▶ Work instruction
Reproduce exactly the lines below, starting with the line that contains "Vendor drawing. Measured" and ending with the last line of the records, both included, and nothing else.

▶ Extracted information

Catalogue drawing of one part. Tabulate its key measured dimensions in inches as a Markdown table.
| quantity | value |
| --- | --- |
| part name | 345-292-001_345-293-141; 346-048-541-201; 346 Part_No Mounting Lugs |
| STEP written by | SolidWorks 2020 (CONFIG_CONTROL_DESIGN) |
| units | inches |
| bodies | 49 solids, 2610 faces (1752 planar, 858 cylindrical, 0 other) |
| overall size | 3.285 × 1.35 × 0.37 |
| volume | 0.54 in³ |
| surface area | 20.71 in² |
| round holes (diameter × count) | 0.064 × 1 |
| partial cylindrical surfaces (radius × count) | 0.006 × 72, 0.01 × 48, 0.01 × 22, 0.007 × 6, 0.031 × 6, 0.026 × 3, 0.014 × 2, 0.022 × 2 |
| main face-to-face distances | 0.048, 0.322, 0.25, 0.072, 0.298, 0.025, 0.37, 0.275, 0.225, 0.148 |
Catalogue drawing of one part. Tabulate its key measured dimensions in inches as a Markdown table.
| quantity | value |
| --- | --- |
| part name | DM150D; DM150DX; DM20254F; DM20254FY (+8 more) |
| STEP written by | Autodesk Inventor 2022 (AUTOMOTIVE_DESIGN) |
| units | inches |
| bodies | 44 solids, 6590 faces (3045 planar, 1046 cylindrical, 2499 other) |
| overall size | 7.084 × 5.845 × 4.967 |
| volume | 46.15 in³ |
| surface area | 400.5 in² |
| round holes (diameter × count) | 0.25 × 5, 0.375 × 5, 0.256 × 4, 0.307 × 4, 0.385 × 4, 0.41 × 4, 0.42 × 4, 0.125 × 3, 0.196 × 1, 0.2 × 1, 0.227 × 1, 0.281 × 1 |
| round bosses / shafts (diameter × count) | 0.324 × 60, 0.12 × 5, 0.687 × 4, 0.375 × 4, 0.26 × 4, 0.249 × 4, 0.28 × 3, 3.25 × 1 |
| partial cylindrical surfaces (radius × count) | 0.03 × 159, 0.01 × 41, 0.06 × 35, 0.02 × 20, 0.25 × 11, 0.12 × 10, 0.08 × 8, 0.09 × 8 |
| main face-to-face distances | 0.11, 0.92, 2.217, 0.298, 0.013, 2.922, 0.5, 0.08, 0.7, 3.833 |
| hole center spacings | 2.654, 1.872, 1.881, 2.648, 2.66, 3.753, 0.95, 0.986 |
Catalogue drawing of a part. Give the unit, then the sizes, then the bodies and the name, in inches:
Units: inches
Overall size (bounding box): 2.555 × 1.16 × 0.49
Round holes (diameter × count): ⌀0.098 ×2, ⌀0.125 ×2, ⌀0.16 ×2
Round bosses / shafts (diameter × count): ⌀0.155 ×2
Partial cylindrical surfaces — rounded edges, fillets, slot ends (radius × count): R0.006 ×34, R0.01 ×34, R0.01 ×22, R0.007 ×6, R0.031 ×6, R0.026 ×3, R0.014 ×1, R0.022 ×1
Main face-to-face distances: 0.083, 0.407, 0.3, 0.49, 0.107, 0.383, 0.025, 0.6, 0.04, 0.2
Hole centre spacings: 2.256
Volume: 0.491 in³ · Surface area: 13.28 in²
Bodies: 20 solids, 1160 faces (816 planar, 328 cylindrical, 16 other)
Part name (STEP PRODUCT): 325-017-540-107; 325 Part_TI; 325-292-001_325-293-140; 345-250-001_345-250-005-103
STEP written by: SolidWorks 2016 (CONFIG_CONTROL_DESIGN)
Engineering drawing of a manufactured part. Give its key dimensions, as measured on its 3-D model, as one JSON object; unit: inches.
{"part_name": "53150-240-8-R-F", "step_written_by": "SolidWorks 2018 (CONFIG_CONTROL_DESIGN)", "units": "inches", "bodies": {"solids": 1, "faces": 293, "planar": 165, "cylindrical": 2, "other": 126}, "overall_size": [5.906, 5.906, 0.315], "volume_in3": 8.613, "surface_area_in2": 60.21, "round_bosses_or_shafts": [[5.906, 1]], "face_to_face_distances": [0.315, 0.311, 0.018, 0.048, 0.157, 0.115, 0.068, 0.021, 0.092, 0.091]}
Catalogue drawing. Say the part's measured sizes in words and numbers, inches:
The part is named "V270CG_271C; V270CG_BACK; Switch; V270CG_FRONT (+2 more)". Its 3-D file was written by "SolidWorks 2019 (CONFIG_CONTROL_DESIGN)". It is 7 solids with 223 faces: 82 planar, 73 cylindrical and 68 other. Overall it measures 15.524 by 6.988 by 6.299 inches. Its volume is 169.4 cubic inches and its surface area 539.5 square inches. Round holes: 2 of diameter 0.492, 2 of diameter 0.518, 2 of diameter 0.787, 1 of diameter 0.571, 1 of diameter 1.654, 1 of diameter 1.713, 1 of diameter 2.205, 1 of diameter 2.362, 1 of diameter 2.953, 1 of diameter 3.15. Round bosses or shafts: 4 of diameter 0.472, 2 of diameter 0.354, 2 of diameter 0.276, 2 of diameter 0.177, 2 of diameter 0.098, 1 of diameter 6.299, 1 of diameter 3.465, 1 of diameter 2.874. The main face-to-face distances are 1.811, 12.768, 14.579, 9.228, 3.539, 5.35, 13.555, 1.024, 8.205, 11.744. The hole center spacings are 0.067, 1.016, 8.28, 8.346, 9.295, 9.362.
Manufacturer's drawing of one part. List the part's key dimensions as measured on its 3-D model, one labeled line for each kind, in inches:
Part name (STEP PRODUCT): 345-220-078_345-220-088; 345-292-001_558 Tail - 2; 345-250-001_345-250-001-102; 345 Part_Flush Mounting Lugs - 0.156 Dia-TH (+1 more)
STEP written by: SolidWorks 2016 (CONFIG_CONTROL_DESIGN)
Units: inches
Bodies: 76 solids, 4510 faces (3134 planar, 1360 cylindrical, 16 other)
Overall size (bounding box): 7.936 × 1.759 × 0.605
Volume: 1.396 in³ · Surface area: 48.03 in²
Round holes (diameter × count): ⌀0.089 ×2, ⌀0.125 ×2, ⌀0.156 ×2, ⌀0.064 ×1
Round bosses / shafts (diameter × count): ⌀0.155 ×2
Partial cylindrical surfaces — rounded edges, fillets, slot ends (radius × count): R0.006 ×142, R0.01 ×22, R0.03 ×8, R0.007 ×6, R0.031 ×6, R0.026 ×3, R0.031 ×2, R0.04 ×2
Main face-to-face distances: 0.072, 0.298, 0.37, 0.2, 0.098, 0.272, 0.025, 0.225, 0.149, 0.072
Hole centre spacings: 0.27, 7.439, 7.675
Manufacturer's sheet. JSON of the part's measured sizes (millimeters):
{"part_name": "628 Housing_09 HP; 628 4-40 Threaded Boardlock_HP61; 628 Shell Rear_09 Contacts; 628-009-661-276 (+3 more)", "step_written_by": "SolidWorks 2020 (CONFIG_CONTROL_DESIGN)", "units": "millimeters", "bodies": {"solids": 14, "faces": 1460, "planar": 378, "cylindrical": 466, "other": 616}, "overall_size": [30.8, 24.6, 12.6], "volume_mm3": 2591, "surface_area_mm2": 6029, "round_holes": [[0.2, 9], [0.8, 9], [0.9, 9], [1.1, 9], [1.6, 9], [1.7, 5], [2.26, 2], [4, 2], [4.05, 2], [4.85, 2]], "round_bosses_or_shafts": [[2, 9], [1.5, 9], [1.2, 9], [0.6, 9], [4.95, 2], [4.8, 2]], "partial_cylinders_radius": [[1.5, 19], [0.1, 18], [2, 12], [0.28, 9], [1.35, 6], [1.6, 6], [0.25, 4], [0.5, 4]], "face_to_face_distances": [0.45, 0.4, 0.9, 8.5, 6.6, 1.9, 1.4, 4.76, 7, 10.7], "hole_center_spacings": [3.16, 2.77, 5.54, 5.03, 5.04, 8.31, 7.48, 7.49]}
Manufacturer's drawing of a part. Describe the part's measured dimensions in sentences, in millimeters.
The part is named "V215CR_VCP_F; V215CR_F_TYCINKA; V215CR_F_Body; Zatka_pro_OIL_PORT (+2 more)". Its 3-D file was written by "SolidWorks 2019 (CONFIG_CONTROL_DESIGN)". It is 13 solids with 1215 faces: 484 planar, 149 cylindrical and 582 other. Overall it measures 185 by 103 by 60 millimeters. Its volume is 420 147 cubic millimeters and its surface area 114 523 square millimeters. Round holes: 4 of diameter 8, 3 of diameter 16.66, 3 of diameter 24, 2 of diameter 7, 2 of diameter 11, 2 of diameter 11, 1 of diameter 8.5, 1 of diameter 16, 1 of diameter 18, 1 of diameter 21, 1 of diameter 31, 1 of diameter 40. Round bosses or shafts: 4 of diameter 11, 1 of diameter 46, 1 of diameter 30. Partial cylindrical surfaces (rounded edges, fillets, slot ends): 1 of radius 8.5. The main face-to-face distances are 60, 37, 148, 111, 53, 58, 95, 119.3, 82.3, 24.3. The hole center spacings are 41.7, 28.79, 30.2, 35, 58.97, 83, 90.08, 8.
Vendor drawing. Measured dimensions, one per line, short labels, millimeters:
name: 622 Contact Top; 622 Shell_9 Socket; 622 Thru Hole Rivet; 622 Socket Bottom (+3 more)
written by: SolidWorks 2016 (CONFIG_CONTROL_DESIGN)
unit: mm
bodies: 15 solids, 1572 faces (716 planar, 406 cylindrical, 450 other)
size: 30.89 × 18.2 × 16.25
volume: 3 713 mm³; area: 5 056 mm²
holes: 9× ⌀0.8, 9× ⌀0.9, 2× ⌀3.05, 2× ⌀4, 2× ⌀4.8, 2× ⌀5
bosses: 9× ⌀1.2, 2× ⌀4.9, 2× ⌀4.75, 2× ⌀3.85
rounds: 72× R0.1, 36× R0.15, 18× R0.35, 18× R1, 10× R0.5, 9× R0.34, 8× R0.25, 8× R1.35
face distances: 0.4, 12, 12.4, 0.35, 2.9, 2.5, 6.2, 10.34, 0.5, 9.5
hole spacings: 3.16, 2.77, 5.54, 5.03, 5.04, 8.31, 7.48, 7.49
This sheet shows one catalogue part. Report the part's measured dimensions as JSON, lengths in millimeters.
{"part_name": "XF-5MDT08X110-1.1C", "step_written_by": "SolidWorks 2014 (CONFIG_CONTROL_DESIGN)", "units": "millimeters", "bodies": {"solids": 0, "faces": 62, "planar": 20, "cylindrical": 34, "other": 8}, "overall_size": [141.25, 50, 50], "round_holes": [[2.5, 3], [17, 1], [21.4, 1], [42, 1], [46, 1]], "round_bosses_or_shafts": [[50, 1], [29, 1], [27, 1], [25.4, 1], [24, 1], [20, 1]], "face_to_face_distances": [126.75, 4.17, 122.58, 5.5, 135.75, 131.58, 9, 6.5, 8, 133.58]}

▶ Reply
Vendor drawing. Measured dimensions, one per line, short labels, millimeters:
name: 622 Contact Top; 622 Shell_9 Socket; 622 Thru Hole Rivet; 622 Socket Bottom (+3 more)
written by: SolidWorks 2016 (CONFIG_CONTROL_DESIGN)
unit: mm
bodies: 15 solids, 1572 faces (716 planar, 406 cylindrical, 450 other)
size: 30.89 × 18.2 × 16.25
volume: 3 713 mm³; area: 5 056 mm²
holes: 9× ⌀0.8, 9× ⌀0.9, 2× ⌀3.05, 2× ⌀4, 2× ⌀4.8, 2× ⌀5
bosses: 9× ⌀1.2, 2× ⌀4.9, 2× ⌀4.75, 2× ⌀3.85
rounds: 72× R0.1, 36× R0.15, 18× R0.35, 18× R1, 10× R0.5, 9× R0.34, 8× R0.25, 8× R1.35
face distances: 0.4, 12, 12.4, 0.35, 2.9, 2.5, 6.2, 10.34, 0.5, 9.5
hole spacings: 3.16, 2.77, 5.54, 5.03, 5.04, 8.31, 7.48, 7.49
This sheet shows one catalogue part. Report the part's measured dimensions as JSON, lengths in millimeters.
{"part_name": "XF-5MDT08X110-1.1C", "step_written_by": "SolidWorks 2014 (CONFIG_CONTROL_DESIGN)", "units": "millimeters", "bodies": {"solids": 0, "faces": 62, "planar": 20, "cylindrical": 34, "other": 8}, "overall_size": [141.25, 50, 50], "round_holes": [[2.5, 3], [17, 1], [21.4, 1], [42, 1], [46, 1]], "round_bosses_or_shafts": [[50, 1], [29, 1], [27, 1], [25.4, 1], [24, 1], [20, 1]], "face_to_face_distances": [126.75, 4.17, 122.58, 5.5, 135.75, 131.58, 9, 6.5, 8, 133.58]}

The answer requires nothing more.